> Task statement:
Omit the images and output every line of the data below exactly.

Extracted data entries:
::::::

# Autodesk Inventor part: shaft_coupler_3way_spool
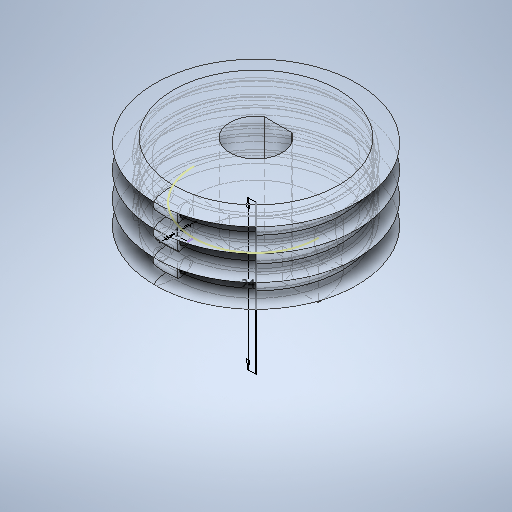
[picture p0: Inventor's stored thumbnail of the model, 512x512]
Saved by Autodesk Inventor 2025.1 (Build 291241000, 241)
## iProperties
Created: 2025-03
Part Number: shaft_coupler_3way_spool
Material: Genérico
Document SubType Name: Modeling
Designer: Usuario
Density: 1 g/cm^3
Appearance: Valor por defecto
Author: Usuario
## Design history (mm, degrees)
sketch "Boceto1"
  geometry: L1 (-0.079, -4.178)-(-0.079, -3.578); L2 (-0.079, -3.578)-(2.2, -3.578); L3 (-0.079, -3.578)-(-2.2, -3.578); C1 r 10 at (0, 0); A1 r 4.2 centre (0, 0) between (2.2, -3.578) and (-2.2, -3.578); 1 further point
  constraints: 6 end point, 2 centre point, 2 coincident, 2 point on circle, 1 perpendicular, 1 point on line, 1 vertical
  dimensions: "d0" = 8.4 diameter of A1; "d1" = 20 diameter of C1; "d2" = 0.6 distance of L1.start L1.end
extrude "Extrusión1" new body sketch "Boceto1" stored distance "d3" = 8; taper "d4" = 0 deg
sketch "Boceto2"
  geometry: L1 (-2.2, 3.578)-(2.2, 3.578) reference; L2 (2.2, 3.578)-(-2.2, 3.578); L3 (-4.2, 0)-(-10, 0); L4 (4.05, 0)-(10, 0); A1 r 10 centre (0, 0) between (10, 0) and (-10, 0); A2 r 4.2 centre (0, 0) between (4.2, 0) and (2.2, 3.578); A3 r 4.2 centre (0, 0) between (-2.2, 3.578) and (-4.2, 0); 2 further points
  constraints: 6 end point, 6 point on circle, 3 centre point, 2 coincident, 1 collinear, 1 horizontal, 1 point on line
extrude "Extrusión2" join sketch "Boceto2" distance "d5" = 5; taper "d6" = 0 deg
node "Plano de trabajo1"
mirror "Simetría1"
node "Plano de trabajo2"
sketch "Boceto3"
  geometry: L1 (0, 0)-(5, 0) reference; L2 (0, 0)-(0, 2.9); L3 (0, 5.8)-(0, 0) reference; L4 (0, 2.9)-(2.5, 2.9); C1 r 1.5 at (2.5, 2.9); 1 further point
  constraints: 4 end point, 1 centre point, 1 coincident, 1 midpoint, 1 perpendicular
  dimensions: "d7" = 2.9 distance of L1.start L2.end (derived); "d8" = 2.5 distance of L2.end L4.end; "d9" = 3 diameter of C1
extrude "screw1" cut sketch "Boceto3" distance "d10" = 9; taper "d11" = 0 deg
node "Plano de trabajo3"
sketch "Boceto4"
  geometry: C1 r 1.5 at (2.5, 2.9) reference; C2 r 1.5 at (2.5, 2.9); C3 r 3.75 at (2.5, 2.9); 1 further point
  constraints: 2 centre point, 2 coincident, 1 concentric
  dimensions: "d15" = 7.5 diameter of C3
extrude "Extrusión4" cut sketch "Boceto4" distance "d13" = 9; taper "d14" = 0 deg
node "Plano de trabajo5"
sketch "Boceto7"
  geometry: L1 (0, -10)-(0, -11); A1 r 10 centre (0, 0) between (-10, 0) and (10, 0) reference; 1 further point
  constraints: 2 end point, 1 point on circle, 1 vertical
  dimensions: "d29" = 1 distance of L1.start L1.end
node "Plano de trabajo6"
feature "Rosca5" dims "d47" = 6, "d48" = 0
sketch "Boceto12"
  geometry: L1 (-4, 10)-(20, 10)
  constraints: 2 end point, 1 horizontal
  dimensions: "d53" = 24 distance of L1.start L1.end
feature "Engrosado3" dims "d58" = 5, "d59" = 5
node "double_spool"
sketch "Boceto15"
  geometry: L1 (0, 4)-(0, -9) reference; L2 (0, -9)-(0, -2.5); L3 (0, -2.5)-(1, -2.5); L4 (0, -9)-(1, -9); L5 (0, 4)-(1, 4); L6 (0, -2.5)-(0, 0.75); L7 (0, -2.5)-(0, -5.75); L8 (1, 4)-(3.275, 4); L9 (1, -9)-(3.275, -9); L10 (3.275, -9)-(3.275, -8.25); L11 (0, -9)-(0, -6.375); L12 (0, -6.375)-(7.528, -6.375); L13 (0, 1.375)-(1.8, 1.375); A1 r 6.5 centre (1, -2.5) between (1.1, 3.999) and (1, 4); 17 further points; 4 other entities
  constraints: 24 end point, 7 point on line, 6 horizontal, 3 perpendicular, 3 symmetric about line, 2 coincident, 2 midpoint, 2 point on circle, 2 vertical, 1 centre point, 28 other
  dimensions: "d68" = 3.25 distance of L2.end L6.end; "d69" = 3.25 distance of L2.end L7.end; "d88" = 0.75 distance of L9.end L10.end; "d89" = 2.625 distance of L1.end L11.end; "d91" = 1.8 distance of L13.start L13.end
revolve "cable_guide" sketch "Boceto15" stored, may be unused: angle "d70" = 360 deg
node "Plano de trabajo12"
node "Plano de trabajo11"
sketch "Boceto17"
  geometry: L1 (-6.385, 11.79)-(-6.385, 12.99); L2 (-9, -13.275)-(-9, 13.275) reference; L3 (-9, 13.275)-(-6.375, 13.275); L4 (-7.5, -13.275)-(-7.5, 13.275) reference; L5 (-6.375, 13.275)-(-6.375, 13.775); L6 (-7.688, 13.275)-(-7.688, 13.775); L7 (-5.062, 13.275)-(-5.062, 13.775); L8 (-9, 13.275)-(-2.5, 13.275); L9 (4, -13.275)-(4, 13.275) reference; L10 (-2.5, 13.275)-(-2.5, 16.897); L11 (2.688, 13.275)-(2.688, 13.775); L12 (0.062, 13.275)-(0.062, 13.775); L13 (-9, 13.275)-(-4.667, 13.275); L14 (-9, 13.275)-(-4.43, 13.275); L15 (-4.43, 13.275)-(-4.43, 17.501); L16 (-1.172, 13.275)-(-1.172, 13.775); L17 (-3.798, 13.275)-(-3.798, 13.775); 16 further points; 7 other entities
  constraints: 28 end point, 12 symmetric about line, 8 vertical, 3 coincident, 3 horizontal, 3 perpendicular, 3 point on line, 2 midpoint, 28 other
  dimensions: "d94" = 1.2 distance of L1.end L1.start; "d96" = 2.625 distance of L2.end L3.end; "d97" = 0.5 distance of L5.start L5.end; "d100" = 4.57 distance of L2.end L14.end
revolve "cable_cover" sketch "Boceto17" stored, may be unused: angle "d85" = 270 deg
node "Plano de trabajo13"
sketch "Boceto18" dims "d103" = 2
  geometry: L1 (-6.515, -13.275)-(-6.515, 13.275) reference; L2 (-6.515, 13.275)-(-1.265, 13.275); L3 (-6.515, 13.275)-(-3.89, 13.275); L4 (-6.515, 13.275)-(-3.89, 13.275); L5 (-5.202, 14.275)-(-5.015, 13.275); L6 (-2.579, 14.252)-(-2.765, 13.275); 14 further points; 3 other entities
  constraints: 10 end point, 3 point on line, 2 coincident, 1 collinear, 1 horizontal, 1 midpoint, 1 vertical alignment, 15 other
revolve "cable_fix" sketch "Boceto18" stored, may be unused: angle "d105" = 15 deg
node "Plano de trabajo14"
mirror "Simetría2"
node "Plano de trabajo17"
  node "Plano de trabajo16"
mirror "Simetría3"
feature "Engrosado4" dims "d106" = 1, "d107" = 1
node "Sólido1"
other parameters: "d12" = 6, "d30" = 90 deg, "d60" = 90 deg, "d65" = 12.8, "d77" = 45 deg

::::::

> Task result:
# Autodesk Inventor part: shaft_coupler_3way_spool
[picture p0: Inventor's stored thumbnail of the model, 512x512]
Saved by Autodesk Inventor 2025.1 (Build 291241000, 241)
## iProperties
Created: 2025-03
Part Number: shaft_coupler_3way_spool
Material: Genérico
Document SubType Name: Modeling
Designer: Usuario
Density: 1 g/cm^3
Appearance: Valor por defecto
Author: Usuario
## Design history (mm, degrees)
sketch "Boceto1"
  geometry: L1 (-0.079, -4.178)-(-0.079, -3.578); L2 (-0.079, -3.578)-(2.2, -3.578); L3 (-0.079, -3.578)-(-2.2, -3.578); C1 r 10 at (0, 0); A1 r 4.2 centre (0, 0) between (2.2, -3.578) and (-2.2, -3.578); 1 further point
  constraints: 6 end point, 2 centre point, 2 coincident, 2 point on circle, 1 perpendicular, 1 point on line, 1 vertical
  dimensions: "d0" = 8.4 diameter of A1; "d1" = 20 diameter of C1; "d2" = 0.6 distance of L1.start L1.end
extrude "Extrusión1" new body sketch "Boceto1" stored distance "d3" = 8; taper "d4" = 0 deg
sketch "Boceto2"
  geometry: L1 (-2.2, 3.578)-(2.2, 3.578) reference; L2 (2.2, 3.578)-(-2.2, 3.578); L3 (-4.2, 0)-(-10, 0); L4 (4.05, 0)-(10, 0); A1 r 10 centre (0, 0) between (10, 0) and (-10, 0); A2 r 4.2 centre (0, 0) between (4.2, 0) and (2.2, 3.578); A3 r 4.2 centre (0, 0) between (-2.2, 3.578) and (-4.2, 0); 2 further points
  constraints: 6 end point, 6 point on circle, 3 centre point, 2 coincident, 1 collinear, 1 horizontal, 1 point on line
extrude "Extrusión2" join sketch "Boceto2" distance "d5" = 5; taper "d6" = 0 deg
node "Plano de trabajo1"
mirror "Simetría1"
node "Plano de trabajo2"
sketch "Boceto3"
  geometry: L1 (0, 0)-(5, 0) reference; L2 (0, 0)-(0, 2.9); L3 (0, 5.8)-(0, 0) reference; L4 (0, 2.9)-(2.5, 2.9); C1 r 1.5 at (2.5, 2.9); 1 further point
  constraints: 4 end point, 1 centre point, 1 coincident, 1 midpoint, 1 perpendicular
  dimensions: "d7" = 2.9 distance of L1.start L2.end (derived); "d8" = 2.5 distance of L2.end L4.end; "d9" = 3 diameter of C1
extrude "screw1" cut sketch "Boceto3" distance "d10" = 9; taper "d11" = 0 deg
node "Plano de trabajo3"
sketch "Boceto4"
  geometry: C1 r 1.5 at (2.5, 2.9) reference; C2 r 1.5 at (2.5, 2.9); C3 r 3.75 at (2.5, 2.9); 1 further point
  constraints: 2 centre point, 2 coincident, 1 concentric
  dimensions: "d15" = 7.5 diameter of C3
extrude "Extrusión4" cut sketch "Boceto4" distance "d13" = 9; taper "d14" = 0 deg
node "Plano de trabajo5"
sketch "Boceto7"
  geometry: L1 (0, -10)-(0, -11); A1 r 10 centre (0, 0) between (-10, 0) and (10, 0) reference; 1 further point
  constraints: 2 end point, 1 point on circle, 1 vertical
  dimensions: "d29" = 1 distance of L1.start L1.end
node "Plano de trabajo6"
feature "Rosca5" dims "d47" = 6, "d48" = 0
sketch "Boceto12"
  geometry: L1 (-4, 10)-(20, 10)
  constraints: 2 end point, 1 horizontal
  dimensions: "d53" = 24 distance of L1.start L1.end
feature "Engrosado3" dims "d58" = 5, "d59" = 5
node "double_spool"
sketch "Boceto15"
  geometry: L1 (0, 4)-(0, -9) reference; L2 (0, -9)-(0, -2.5); L3 (0, -2.5)-(1, -2.5); L4 (0, -9)-(1, -9); L5 (0, 4)-(1, 4); L6 (0, -2.5)-(0, 0.75); L7 (0, -2.5)-(0, -5.75); L8 (1, 4)-(3.275, 4); L9 (1, -9)-(3.275, -9); L10 (3.275, -9)-(3.275, -8.25); L11 (0, -9)-(0, -6.375); L12 (0, -6.375)-(7.528, -6.375); L13 (0, 1.375)-(1.8, 1.375); A1 r 6.5 centre (1, -2.5) between (1.1, 3.999) and (1, 4); 17 further points; 4 other entities
  constraints: 24 end point, 7 point on line, 6 horizontal, 3 perpendicular, 3 symmetric about line, 2 coincident, 2 midpoint, 2 point on circle, 2 vertical, 1 centre point, 28 other
  dimensions: "d68" = 3.25 distance of L2.end L6.end; "d69" = 3.25 distance of L2.end L7.end; "d88" = 0.75 distance of L9.end L10.end; "d89" = 2.625 distance of L1.end L11.end; "d91" = 1.8 distance of L13.start L13.end
revolve "cable_guide" sketch "Boceto15" stored, may be unused: angle "d70" = 360 deg
node "Plano de trabajo12"
node "Plano de trabajo11"
sketch "Boceto17"
  geometry: L1 (-6.385, 11.79)-(-6.385, 12.99); L2 (-9, -13.275)-(-9, 13.275) reference; L3 (-9, 13.275)-(-6.375, 13.275); L4 (-7.5, -13.275)-(-7.5, 13.275) reference; L5 (-6.375, 13.275)-(-6.375, 13.775); L6 (-7.688, 13.275)-(-7.688, 13.775); L7 (-5.062, 13.275)-(-5.062, 13.775); L8 (-9, 13.275)-(-2.5, 13.275); L9 (4, -13.275)-(4, 13.275) reference; L10 (-2.5, 13.275)-(-2.5, 16.897); L11 (2.688, 13.275)-(2.688, 13.775); L12 (0.062, 13.275)-(0.062, 13.775); L13 (-9, 13.275)-(-4.667, 13.275); L14 (-9, 13.275)-(-4.43, 13.275); L15 (-4.43, 13.275)-(-4.43, 17.501); L16 (-1.172, 13.275)-(-1.172, 13.775); L17 (-3.798, 13.275)-(-3.798, 13.775); 16 further points; 7 other entities
  constraints: 28 end point, 12 symmetric about line, 8 vertical, 3 coincident, 3 horizontal, 3 perpendicular, 3 point on line, 2 midpoint, 28 other
  dimensions: "d94" = 1.2 distance of L1.end L1.start; "d96" = 2.625 distance of L2.end L3.end; "d97" = 0.5 distance of L5.start L5.end; "d100" = 4.57 distance of L2.end L14.end
revolve "cable_cover" sketch "Boceto17" stored, may be unused: angle "d85" = 270 deg
node "Plano de trabajo13"
sketch "Boceto18" dims "d103" = 2
  geometry: L1 (-6.515, -13.275)-(-6.515, 13.275) reference; L2 (-6.515, 13.275)-(-1.265, 13.275); L3 (-6.515, 13.275)-(-3.89, 13.275); L4 (-6.515, 13.275)-(-3.89, 13.275); L5 (-5.202, 14.275)-(-5.015, 13.275); L6 (-2.579, 14.252)-(-2.765, 13.275); 14 further points; 3 other entities
  constraints: 10 end point, 3 point on line, 2 coincident, 1 collinear, 1 horizontal, 1 midpoint, 1 vertical alignment, 15 other
revolve "cable_fix" sketch "Boceto18" stored, may be unused: angle "d105" = 15 deg
node "Plano de trabajo14"
mirror "Simetría2"
node "Plano de trabajo17"
  node "Plano de trabajo16"
mirror "Simetría3"
feature "Engrosado4" dims "d106" = 1, "d107" = 1
node "Sólido1"
other parameters: "d12" = 6, "d30" = 90 deg, "d60" = 90 deg, "d65" = 12.8, "d77" = 45 deg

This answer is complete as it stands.